> PROBLEM: Extract, exactly as written, each line from the start of the records below to the line containing "doc.units = 0", both ends included; drop the pictures.

> DATA FOR THIS EXERCISE:
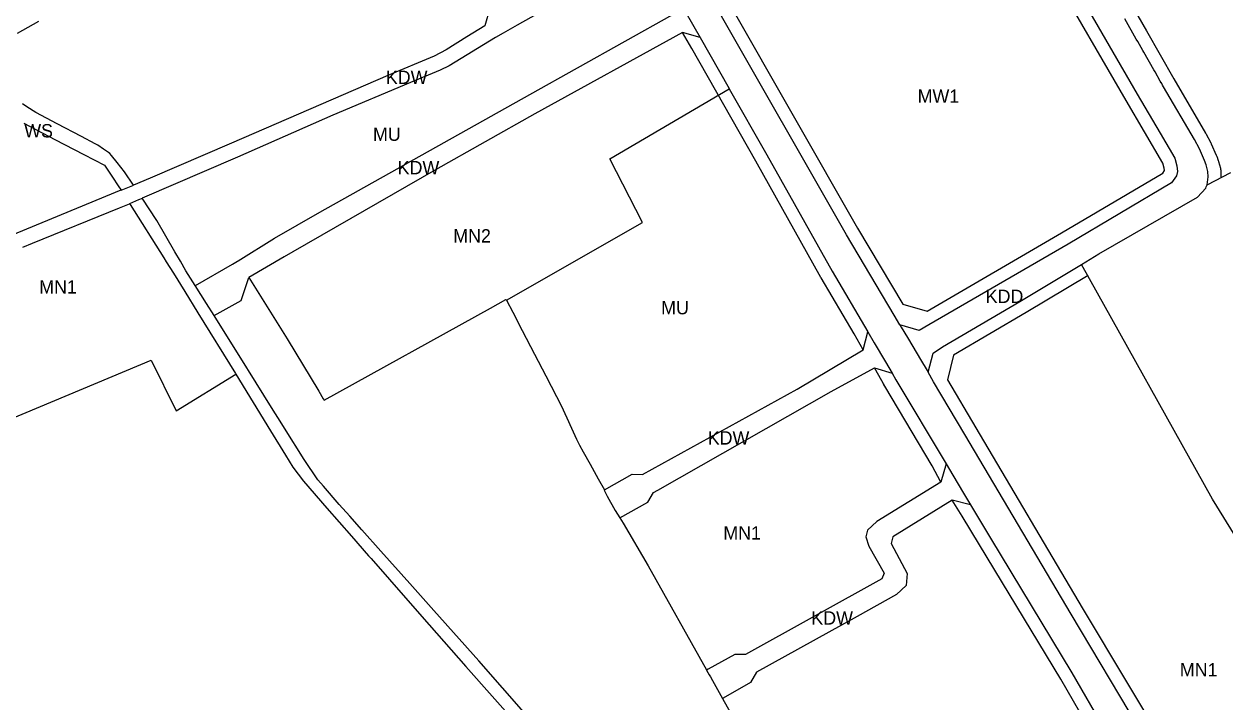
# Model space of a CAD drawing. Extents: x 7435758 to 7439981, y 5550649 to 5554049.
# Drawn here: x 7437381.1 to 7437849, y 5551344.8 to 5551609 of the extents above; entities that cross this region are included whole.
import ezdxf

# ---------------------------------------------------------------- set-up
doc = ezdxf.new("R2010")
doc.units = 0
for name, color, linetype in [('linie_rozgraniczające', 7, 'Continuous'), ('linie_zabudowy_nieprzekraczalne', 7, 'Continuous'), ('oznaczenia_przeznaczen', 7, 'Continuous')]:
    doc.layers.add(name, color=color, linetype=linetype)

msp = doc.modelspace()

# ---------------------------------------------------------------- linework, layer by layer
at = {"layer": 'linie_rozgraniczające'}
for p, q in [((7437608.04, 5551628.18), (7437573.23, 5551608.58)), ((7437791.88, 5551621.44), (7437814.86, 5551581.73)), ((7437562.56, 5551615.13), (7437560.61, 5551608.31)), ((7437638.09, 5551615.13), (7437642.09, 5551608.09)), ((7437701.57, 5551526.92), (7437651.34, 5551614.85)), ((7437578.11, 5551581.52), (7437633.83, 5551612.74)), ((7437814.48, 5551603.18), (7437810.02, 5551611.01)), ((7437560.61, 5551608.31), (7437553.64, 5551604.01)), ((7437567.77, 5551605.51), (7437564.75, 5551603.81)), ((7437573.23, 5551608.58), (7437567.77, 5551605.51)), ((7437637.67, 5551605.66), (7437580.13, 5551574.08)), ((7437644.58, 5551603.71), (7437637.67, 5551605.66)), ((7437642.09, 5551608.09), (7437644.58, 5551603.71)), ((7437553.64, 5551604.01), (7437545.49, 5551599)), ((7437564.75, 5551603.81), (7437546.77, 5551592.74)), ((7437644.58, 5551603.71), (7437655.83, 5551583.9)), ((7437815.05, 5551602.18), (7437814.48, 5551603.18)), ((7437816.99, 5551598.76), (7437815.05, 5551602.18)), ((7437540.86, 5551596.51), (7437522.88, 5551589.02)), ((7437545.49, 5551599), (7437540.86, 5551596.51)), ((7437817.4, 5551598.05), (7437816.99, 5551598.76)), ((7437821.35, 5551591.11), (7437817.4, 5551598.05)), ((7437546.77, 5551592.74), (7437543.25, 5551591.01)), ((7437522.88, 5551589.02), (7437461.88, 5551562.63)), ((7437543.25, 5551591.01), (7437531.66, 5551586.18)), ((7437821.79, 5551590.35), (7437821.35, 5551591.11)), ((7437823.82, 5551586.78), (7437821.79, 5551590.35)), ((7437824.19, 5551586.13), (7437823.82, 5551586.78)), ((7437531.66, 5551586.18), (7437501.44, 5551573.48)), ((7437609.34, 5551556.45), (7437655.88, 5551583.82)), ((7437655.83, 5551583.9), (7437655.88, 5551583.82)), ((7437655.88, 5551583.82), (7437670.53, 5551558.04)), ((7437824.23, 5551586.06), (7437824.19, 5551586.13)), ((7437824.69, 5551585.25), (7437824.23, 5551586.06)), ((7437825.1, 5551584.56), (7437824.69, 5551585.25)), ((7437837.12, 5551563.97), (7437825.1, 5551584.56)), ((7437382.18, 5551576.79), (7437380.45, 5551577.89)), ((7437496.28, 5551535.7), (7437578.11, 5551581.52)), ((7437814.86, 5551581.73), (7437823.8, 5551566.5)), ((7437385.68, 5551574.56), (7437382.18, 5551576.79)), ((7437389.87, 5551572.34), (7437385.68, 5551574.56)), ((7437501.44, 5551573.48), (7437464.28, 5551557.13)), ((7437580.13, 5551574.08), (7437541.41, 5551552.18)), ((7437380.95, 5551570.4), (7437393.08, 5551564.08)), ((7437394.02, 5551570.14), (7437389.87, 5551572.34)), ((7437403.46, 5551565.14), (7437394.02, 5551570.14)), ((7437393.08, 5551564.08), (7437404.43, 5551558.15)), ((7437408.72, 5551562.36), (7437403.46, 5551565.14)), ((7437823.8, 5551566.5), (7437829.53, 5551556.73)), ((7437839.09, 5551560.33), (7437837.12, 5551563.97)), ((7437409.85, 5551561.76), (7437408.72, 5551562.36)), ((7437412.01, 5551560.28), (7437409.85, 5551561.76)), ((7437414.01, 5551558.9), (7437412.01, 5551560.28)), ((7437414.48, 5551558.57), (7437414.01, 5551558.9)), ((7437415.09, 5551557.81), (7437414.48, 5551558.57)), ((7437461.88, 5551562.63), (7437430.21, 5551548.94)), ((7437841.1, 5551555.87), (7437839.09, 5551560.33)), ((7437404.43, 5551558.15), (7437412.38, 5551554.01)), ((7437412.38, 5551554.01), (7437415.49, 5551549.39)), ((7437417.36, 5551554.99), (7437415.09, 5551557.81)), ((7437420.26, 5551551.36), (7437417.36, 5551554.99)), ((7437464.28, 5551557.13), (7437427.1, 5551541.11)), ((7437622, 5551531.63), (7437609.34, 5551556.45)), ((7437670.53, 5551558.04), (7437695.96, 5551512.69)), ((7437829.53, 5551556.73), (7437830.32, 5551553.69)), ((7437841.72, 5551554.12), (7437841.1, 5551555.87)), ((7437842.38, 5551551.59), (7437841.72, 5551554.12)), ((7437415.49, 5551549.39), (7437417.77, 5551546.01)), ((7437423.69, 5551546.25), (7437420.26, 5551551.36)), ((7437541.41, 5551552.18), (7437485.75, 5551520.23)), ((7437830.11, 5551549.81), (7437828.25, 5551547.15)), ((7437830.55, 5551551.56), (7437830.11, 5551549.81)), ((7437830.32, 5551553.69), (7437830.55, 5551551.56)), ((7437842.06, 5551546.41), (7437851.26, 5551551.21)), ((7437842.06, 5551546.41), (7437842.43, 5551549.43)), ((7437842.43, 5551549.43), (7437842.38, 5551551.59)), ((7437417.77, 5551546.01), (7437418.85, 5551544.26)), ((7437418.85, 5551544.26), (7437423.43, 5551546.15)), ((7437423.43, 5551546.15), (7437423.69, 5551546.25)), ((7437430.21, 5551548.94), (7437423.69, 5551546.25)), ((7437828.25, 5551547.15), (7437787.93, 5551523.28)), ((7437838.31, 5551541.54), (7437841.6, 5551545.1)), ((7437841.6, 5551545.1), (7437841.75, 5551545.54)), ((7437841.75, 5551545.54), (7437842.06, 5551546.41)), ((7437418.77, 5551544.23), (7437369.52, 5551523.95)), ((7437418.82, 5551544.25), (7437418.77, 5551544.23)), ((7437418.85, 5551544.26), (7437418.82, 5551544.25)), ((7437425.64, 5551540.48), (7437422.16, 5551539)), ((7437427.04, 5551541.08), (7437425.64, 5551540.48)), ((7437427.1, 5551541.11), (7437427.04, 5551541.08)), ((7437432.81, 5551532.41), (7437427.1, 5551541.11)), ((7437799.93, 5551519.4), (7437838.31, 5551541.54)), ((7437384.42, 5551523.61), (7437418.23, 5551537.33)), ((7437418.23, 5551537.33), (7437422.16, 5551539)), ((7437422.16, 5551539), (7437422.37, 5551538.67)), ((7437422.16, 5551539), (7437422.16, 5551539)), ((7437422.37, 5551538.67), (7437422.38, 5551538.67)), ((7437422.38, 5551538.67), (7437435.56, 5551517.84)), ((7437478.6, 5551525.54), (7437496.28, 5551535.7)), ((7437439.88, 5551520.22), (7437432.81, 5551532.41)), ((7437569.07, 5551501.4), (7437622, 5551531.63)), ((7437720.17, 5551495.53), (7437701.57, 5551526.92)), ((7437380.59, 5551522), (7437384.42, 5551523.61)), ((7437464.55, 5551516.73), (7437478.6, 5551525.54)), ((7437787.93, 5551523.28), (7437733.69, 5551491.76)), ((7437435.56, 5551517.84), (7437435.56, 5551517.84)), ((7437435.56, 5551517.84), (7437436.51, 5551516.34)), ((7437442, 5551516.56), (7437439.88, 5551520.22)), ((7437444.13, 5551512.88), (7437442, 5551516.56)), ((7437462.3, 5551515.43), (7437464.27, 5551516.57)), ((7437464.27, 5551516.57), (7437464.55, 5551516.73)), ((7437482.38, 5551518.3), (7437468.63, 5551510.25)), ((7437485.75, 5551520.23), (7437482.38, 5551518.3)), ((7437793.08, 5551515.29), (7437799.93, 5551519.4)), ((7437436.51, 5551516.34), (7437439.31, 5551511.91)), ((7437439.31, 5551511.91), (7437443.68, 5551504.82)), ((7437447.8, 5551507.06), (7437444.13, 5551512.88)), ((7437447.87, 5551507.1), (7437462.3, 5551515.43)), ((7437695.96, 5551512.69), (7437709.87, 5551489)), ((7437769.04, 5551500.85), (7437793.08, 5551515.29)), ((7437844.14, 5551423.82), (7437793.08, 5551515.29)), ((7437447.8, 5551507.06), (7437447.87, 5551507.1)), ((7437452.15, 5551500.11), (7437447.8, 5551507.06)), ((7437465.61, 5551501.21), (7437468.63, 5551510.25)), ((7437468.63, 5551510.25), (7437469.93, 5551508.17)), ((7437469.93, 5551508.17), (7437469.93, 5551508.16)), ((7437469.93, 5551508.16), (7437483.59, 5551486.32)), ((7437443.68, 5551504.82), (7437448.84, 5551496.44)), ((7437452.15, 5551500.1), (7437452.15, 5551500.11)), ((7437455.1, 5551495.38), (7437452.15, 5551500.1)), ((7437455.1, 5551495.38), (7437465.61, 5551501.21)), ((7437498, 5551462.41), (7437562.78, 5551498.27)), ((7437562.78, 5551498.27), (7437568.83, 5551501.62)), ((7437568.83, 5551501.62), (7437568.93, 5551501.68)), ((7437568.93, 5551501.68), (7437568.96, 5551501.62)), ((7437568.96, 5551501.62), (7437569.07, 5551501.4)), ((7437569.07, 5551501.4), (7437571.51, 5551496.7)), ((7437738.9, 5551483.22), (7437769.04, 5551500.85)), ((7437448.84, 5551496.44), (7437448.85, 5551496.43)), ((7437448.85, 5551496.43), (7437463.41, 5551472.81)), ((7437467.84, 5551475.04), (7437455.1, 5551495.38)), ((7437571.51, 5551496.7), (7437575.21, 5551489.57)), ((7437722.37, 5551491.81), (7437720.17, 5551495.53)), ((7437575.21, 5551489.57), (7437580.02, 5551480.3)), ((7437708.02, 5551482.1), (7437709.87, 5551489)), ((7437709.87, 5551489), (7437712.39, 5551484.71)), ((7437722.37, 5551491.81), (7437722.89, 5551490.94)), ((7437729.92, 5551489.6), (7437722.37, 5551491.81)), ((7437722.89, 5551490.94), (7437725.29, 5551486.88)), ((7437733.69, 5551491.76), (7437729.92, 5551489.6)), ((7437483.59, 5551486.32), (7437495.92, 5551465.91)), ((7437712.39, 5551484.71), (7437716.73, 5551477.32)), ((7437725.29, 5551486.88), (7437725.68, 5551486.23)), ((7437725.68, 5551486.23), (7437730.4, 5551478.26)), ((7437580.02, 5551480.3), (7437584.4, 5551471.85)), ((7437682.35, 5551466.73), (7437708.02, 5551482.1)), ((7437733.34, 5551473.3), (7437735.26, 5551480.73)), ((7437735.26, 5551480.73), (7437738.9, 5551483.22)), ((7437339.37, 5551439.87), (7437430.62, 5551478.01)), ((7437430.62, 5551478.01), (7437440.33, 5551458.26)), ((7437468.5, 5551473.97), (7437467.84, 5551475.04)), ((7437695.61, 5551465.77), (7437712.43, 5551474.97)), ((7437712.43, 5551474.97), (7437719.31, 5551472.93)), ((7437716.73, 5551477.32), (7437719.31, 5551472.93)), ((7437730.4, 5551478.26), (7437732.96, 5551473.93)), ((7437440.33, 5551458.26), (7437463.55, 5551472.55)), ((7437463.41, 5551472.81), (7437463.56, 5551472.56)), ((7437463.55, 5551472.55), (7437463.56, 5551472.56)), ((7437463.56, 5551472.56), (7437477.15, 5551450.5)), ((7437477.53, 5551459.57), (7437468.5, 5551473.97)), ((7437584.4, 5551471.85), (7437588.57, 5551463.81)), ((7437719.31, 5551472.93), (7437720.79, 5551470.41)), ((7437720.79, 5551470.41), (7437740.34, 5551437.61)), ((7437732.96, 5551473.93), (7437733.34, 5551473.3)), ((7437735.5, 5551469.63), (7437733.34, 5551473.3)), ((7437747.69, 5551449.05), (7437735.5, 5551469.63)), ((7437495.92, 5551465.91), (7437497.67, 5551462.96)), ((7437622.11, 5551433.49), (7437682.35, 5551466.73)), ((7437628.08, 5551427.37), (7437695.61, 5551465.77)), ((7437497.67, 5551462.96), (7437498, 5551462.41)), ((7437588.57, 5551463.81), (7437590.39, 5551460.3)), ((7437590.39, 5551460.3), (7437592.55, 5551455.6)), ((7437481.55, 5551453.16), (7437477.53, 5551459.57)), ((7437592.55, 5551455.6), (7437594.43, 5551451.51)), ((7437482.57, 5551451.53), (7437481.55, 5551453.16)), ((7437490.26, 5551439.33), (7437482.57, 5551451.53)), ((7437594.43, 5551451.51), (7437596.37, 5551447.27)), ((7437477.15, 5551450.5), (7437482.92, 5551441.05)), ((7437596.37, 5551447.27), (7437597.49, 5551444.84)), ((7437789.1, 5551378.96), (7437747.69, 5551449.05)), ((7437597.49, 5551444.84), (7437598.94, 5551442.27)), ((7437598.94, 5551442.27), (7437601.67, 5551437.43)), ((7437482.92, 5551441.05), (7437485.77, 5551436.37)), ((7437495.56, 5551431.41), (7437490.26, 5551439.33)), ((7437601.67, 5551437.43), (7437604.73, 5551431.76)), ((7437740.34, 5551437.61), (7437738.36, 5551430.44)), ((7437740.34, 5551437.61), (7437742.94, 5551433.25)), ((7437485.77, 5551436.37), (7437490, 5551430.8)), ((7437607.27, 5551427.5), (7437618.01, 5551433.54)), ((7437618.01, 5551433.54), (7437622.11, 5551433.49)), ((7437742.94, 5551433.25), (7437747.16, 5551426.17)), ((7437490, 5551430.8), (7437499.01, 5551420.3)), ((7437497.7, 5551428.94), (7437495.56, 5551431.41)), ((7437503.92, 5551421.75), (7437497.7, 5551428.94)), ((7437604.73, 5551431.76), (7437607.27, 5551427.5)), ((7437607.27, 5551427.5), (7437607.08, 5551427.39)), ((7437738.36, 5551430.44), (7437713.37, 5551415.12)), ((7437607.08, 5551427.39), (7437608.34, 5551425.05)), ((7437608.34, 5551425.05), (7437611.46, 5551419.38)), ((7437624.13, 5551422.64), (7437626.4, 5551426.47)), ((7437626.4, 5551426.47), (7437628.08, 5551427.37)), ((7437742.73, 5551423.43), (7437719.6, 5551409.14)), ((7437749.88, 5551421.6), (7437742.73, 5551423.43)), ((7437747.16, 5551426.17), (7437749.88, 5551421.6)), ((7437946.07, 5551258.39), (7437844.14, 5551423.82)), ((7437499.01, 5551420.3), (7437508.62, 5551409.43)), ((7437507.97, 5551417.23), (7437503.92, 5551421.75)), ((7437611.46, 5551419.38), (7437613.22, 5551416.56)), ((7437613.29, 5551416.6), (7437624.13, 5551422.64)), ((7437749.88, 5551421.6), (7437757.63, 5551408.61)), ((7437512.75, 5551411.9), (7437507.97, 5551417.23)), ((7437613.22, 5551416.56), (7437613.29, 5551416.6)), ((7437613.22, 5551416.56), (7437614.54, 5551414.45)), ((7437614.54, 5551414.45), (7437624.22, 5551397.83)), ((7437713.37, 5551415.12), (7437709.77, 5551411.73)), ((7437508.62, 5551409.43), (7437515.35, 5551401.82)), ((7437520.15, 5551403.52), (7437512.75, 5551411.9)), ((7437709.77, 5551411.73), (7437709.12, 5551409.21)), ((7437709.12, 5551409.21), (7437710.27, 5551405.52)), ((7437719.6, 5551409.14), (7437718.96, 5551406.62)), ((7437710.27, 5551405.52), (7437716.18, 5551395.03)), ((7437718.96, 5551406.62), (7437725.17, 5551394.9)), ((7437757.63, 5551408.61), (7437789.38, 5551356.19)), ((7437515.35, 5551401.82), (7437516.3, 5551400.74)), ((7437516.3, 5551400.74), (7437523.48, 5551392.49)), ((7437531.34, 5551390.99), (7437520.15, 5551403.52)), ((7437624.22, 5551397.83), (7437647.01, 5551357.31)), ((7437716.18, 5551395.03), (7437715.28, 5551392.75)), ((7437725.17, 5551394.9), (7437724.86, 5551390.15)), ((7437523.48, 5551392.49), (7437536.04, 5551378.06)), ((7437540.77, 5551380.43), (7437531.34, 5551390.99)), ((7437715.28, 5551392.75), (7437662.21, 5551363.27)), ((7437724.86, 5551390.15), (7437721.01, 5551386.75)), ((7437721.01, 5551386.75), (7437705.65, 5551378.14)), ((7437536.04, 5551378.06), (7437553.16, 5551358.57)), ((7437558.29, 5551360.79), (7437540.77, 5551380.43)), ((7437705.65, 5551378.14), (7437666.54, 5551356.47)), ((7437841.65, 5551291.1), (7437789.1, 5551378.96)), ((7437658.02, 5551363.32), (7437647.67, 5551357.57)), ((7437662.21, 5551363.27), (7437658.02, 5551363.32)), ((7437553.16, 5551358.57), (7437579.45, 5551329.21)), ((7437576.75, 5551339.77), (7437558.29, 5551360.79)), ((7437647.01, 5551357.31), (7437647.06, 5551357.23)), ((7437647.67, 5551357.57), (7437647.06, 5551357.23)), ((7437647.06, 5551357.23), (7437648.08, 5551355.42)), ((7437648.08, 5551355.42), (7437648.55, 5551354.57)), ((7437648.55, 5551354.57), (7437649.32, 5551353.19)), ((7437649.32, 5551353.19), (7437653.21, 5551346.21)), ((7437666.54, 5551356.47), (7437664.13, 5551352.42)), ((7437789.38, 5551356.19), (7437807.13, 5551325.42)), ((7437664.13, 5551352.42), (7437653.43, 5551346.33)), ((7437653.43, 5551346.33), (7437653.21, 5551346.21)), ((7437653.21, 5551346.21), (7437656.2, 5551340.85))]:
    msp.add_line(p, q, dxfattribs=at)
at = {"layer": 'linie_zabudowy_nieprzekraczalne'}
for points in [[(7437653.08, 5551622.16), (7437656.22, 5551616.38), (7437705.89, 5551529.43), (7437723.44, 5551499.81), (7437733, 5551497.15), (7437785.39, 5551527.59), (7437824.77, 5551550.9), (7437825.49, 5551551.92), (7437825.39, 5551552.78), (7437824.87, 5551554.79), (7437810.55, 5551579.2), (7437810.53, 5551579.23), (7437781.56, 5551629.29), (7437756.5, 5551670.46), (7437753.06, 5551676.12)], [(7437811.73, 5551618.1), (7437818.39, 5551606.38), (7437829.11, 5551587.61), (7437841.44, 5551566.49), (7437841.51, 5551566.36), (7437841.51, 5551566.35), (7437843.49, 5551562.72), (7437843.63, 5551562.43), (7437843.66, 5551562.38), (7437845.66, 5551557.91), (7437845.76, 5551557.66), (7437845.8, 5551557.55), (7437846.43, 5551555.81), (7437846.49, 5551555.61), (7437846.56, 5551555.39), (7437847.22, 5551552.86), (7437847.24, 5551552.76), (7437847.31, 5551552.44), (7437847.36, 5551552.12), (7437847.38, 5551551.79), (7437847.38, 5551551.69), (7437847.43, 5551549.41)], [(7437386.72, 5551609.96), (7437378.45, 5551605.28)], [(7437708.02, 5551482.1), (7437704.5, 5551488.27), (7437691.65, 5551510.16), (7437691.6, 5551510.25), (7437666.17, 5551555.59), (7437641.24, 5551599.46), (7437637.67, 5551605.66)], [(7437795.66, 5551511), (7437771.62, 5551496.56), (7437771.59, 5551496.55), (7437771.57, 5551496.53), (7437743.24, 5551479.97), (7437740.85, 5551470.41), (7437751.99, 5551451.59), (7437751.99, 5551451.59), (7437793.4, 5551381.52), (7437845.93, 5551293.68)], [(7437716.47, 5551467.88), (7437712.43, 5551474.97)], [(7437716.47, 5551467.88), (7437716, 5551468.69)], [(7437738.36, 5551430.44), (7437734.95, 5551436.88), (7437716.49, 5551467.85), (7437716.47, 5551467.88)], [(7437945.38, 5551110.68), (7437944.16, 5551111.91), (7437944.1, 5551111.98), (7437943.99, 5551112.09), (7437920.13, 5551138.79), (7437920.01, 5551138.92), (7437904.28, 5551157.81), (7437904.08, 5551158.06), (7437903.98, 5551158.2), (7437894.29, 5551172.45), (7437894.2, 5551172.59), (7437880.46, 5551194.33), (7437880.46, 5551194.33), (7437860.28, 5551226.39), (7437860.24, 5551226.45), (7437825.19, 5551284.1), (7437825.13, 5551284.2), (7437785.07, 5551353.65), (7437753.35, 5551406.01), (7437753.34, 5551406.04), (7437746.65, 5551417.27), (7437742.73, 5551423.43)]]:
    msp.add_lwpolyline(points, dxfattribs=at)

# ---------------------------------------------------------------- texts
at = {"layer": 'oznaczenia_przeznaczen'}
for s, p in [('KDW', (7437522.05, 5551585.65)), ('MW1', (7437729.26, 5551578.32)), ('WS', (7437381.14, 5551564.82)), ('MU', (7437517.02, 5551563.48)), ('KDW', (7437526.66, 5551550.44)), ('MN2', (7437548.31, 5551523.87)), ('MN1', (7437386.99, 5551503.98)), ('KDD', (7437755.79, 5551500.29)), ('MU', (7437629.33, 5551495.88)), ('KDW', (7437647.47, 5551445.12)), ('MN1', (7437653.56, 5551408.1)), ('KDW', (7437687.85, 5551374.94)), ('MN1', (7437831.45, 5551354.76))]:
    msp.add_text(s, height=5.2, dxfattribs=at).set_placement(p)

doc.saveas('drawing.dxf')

> ANSWER TO THIS PROBLEM:
# Model space of a CAD drawing. Extents: x 7435758 to 7439981, y 5550649 to 5554049.
# Drawn here: x 7437381.1 to 7437849, y 5551344.8 to 5551609 of the extents above; entities that cross this region are included whole.
import ezdxf

# ---------------------------------------------------------------- set-up
doc = ezdxf.new("R2010")
doc.units = 0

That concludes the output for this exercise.